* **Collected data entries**
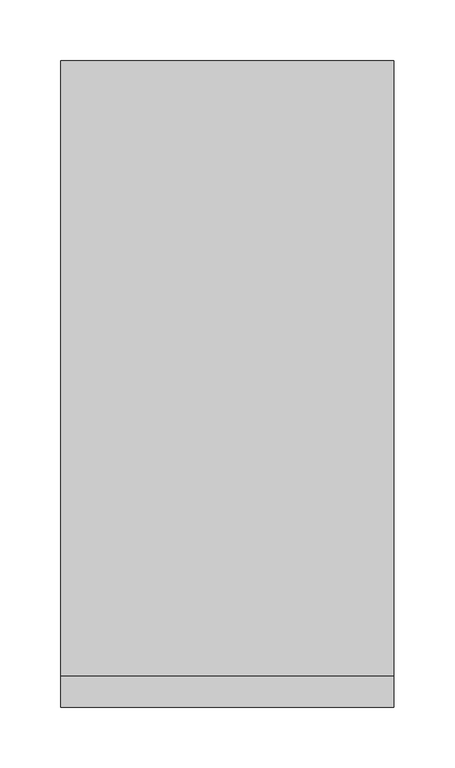
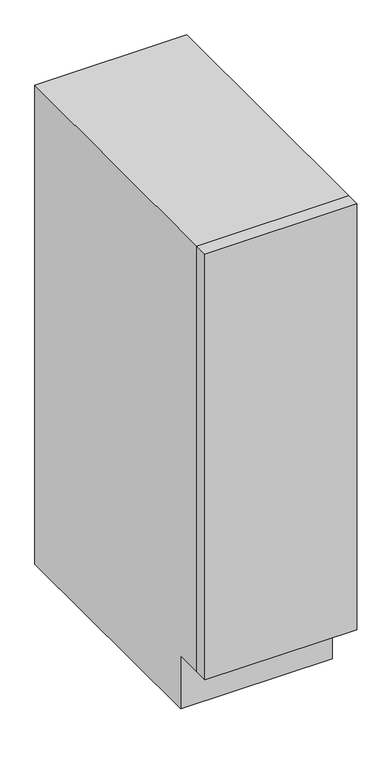
"""IFC4 building model written with IfcOpenShell, lengths in millimetres: furniture geometry, OD_CW_Base Cabinet : OD_CW_Base Cabinet."""

from ifc_helpers import new_model, si_unit, frame, origin, place, context, project, spatial, polyline, outline, extrude, source, transform, mapped, element, save


def furniture_b87d32b9(model_context):
    return source(origin(), model_context, "Body", "SweptSolid", [
        extrude(outline(polyline([(18.7377049, 103.0908776), (292.9657997, 103.0908776), (292.9657997, 77.6908776), (18.7377049, 77.6908776), (18.7377049, 103.0908776)])), frame((0.0, 0.0, 101.6), z_axis=(0.0, 0.0, 1.0), x_axis=(1.0, 0.0, 0.0)), (0.0, 0.0, 1.0), 812.8),
        extrude(outline(polyline([(103.0908776, 914.4), (609.6, 914.4), (609.6, 0.0), (153.8908776, 0.0), (153.8908776, 101.6), (103.0908776, 101.6), (103.0908776, 914.4)])), frame((18.7377049, 0.0, 0.0), z_axis=(1.0, 0.0, 0.0), x_axis=(0.0, 1.0, 0.0)), (0.0, 0.0, 1.0), 274.2280948),
    ])


if __name__ == "__main__":
    model = new_model("IFC4")
    model_context = context("Model", 3, world=origin())
    ifc_project = project(units=[si_unit("LENGTHUNIT", "METRE", prefix="MILLI")], contexts=[model_context])
    site = spatial("IfcSite", under=ifc_project)
    building = spatial("IfcBuilding", under=site)
    placement = place(None, origin())
    furniture_shape = furniture_b87d32b9(model_context)
    element("IfcFurniture", 1, ObjectType="OD_CW_Base Cabinet : OD_CW_Base Cabinet", at=placement, inside=building, context=model_context, shape_type="MappedRepresentation", body=[
        mapped(furniture_shape, transform((0.0, 0.0, 0.0), x_axis=(1.0, 0.0, 0.0), y_axis=(0.0, 1.0, 0.0), z_axis=(0.0, 0.0, 1.0))),
    ])
    save(model, "model.ifc")

# Revit data of these elements
# Type "OD_CW_Base Cabinet : OD_CW_Base Cabinet"
#   OD_CW_Width [instance default] = 2' - 10"
#   OD_CW_Length [instance default] = 8' - 0"
#   OD_CW_Height [instance default] = 2' - 3"
#   Depth = 2' - 0"
#   Height = 3' - 0"
#   Width = 4' - 0"
#   OD_CW_Material_Front Panel [instance default] = none
#   OD_CW_Material_Body [instance default] = none
# Element 1 (IfcFurniture, "OD_CW_Base Cabinet : OD_CW_Base Cabinet")
#   OD_CW_Width = 1' - 8.9413"
#   OD_CW_Length = 0' - 10.79638"
#   OD_CW_Height = 3' - 0"
#   OD_CW_Material_Body = TRASH
#   Materials on its faces: "TRASH", "CASEWORK"
# Materials
#   "TRASH": class "Generic", colour RGB 187 187 187, transparency 0, Cost = 0
#   "CASEWORK": class "Generic", colour RGB 181 181 181, transparency 0, Cost = 0

* **Task**
Where a line of the entries above holds the word "source", return that line.

* **Output of the task**
from ifc_helpers import new_model, si_unit, frame, origin, place, context, project, spatial, polyline, outline, extrude, source, transform, mapped, element, save
    return source(origin(), model_context, "Body", "SweptSolid", [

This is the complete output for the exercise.